▸ **The task**
Stop after the line that contains "In plain terms, the". Until then, retype each line of the entries exactly from the first one, skipping pictures.

Segment Start: Supplied information

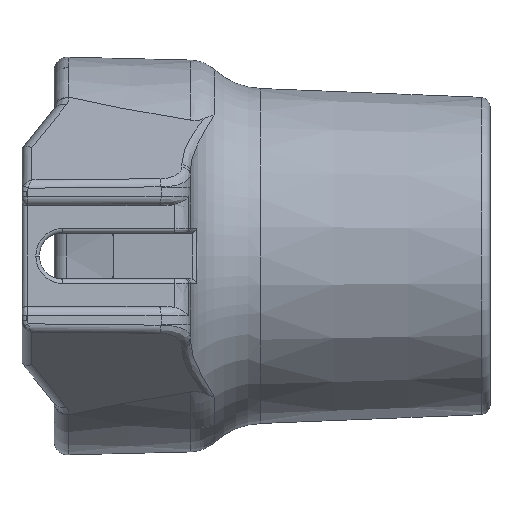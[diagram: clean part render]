
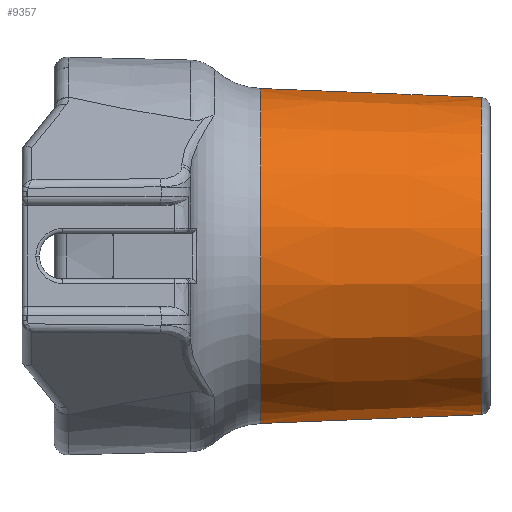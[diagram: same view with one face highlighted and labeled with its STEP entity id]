
A CAD part, left-side view. The second image highlights one B-rep face of the part: STEP entity #9357.
In plain terms, the highlighted conical face has half-angle 2.291 degrees and reference radius 17.25 mm.
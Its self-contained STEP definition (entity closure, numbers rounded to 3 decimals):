
#82 = CARTESIAN_POINT ( 'NONE',  ( 0., 0.96, 17.288 ) ) ;
#148 = EDGE_CURVE ( 'NONE', #366, #10690, #1892, .T. ) ;
#366 = VERTEX_POINT ( 'NONE', #1441 ) ;
#560 = VERTEX_POINT ( 'NONE', #9064 ) ;
#633 = ORIENTED_EDGE ( 'NONE', *, *, #6781, .T. ) ;
#829 = ORIENTED_EDGE ( 'NONE', *, *, #1607, .F. ) ;
#1152 = EDGE_CURVE ( 'NONE', #10690, #560, #6277, .T. ) ;
#1441 = CARTESIAN_POINT ( 'NONE',  ( 0., 0.96, -17.288 ) ) ;
#1607 = EDGE_CURVE ( 'NONE', #366, #7917, #5147, .T. ) ;
#1657 = ORIENTED_EDGE ( 'NONE', *, *, #148, .T. ) ;
#1892 = CIRCLE ( 'NONE', #3285, 17.288 ) ;
#2303 = CARTESIAN_POINT ( 'NONE',  ( 0., 0.96, 0. ) ) ;
#2970 = DIRECTION ( 'NONE',  ( 0., 0., -1. ) ) ;
#3027 = ORIENTED_EDGE ( 'NONE', *, *, #1152, .T. ) ;
#3043 = FACE_OUTER_BOUND ( 'NONE', #7123, .T. ) ;
#3159 = CIRCLE ( 'NONE', #4970, 18.25 ) ;
#3285 = AXIS2_PLACEMENT_3D ( 'NONE', #2303, #9192, #2970 ) ;
#3317 = CARTESIAN_POINT ( 'NONE',  ( 0., 25., 0. ) ) ;
#3520 = DIRECTION ( 'NONE',  ( 0., 0., 1. ) ) ;
#4193 = DIRECTION ( 'NONE',  ( 0., 0., -1. ) ) ;
#4198 = CARTESIAN_POINT ( 'NONE',  ( 0., 0., -17.25 ) ) ;
#4860 = VECTOR ( 'NONE', #10263, 1000. ) ;
#4970 = AXIS2_PLACEMENT_3D ( 'NONE', #3317, #9401, #4193 ) ;
#5147 = LINE ( 'NONE', #4198, #4860 ) ;
#5403 = DIRECTION ( 'NONE',  ( 0., 0.999, 0.04 ) ) ;
#5602 = AXIS2_PLACEMENT_3D ( 'NONE', #8746, #10415, #3520 ) ;
#5848 = VECTOR ( 'NONE', #5403, 1000. ) ;
#5978 = CARTESIAN_POINT ( 'NONE',  ( 0., 25., -18.25 ) ) ;
#6277 = LINE ( 'NONE', #9709, #5848 ) ;
#6781 = EDGE_CURVE ( 'NONE', #560, #7917, #3159, .T. ) ;
#7123 = EDGE_LOOP ( 'NONE', ( #829, #1657, #3027, #633 ) ) ;
#7164 = CONICAL_SURFACE ( 'NONE', #5602, 17.25, 0.04 ) ;
#7917 = VERTEX_POINT ( 'NONE', #5978 ) ;
#8746 = CARTESIAN_POINT ( 'NONE',  ( 0., 0., 0. ) ) ;
#9064 = CARTESIAN_POINT ( 'NONE',  ( 0., 25., 18.25 ) ) ;
#9192 = DIRECTION ( 'NONE',  ( 0., 1., 0. ) ) ;
#9357 = ADVANCED_FACE ( 'NONE', ( #3043 ), #7164, .T. ) ;
#9401 = DIRECTION ( 'NONE',  ( 0., -1., 0. ) ) ;
#9709 = CARTESIAN_POINT ( 'NONE',  ( 0., 0., 17.25 ) ) ;
#10263 = DIRECTION ( 'NONE',  ( 0., 0.999, -0.04 ) ) ;
#10415 = DIRECTION ( 'NONE',  ( 0., 1., 0. ) ) ;
#10690 = VERTEX_POINT ( 'NONE', #82 ) ;

Segment End: Supplied information

▸ **Expected answer**
[diagram: clean part render]
[diagram: same view with one face highlighted and labeled with its STEP entity id]
A CAD part, left-side view. The second image highlights one B-rep face of the part: STEP entity #9357.
In plain terms, the highlighted conical face has half-angle 2.291 degrees and reference radius 17.25 mm.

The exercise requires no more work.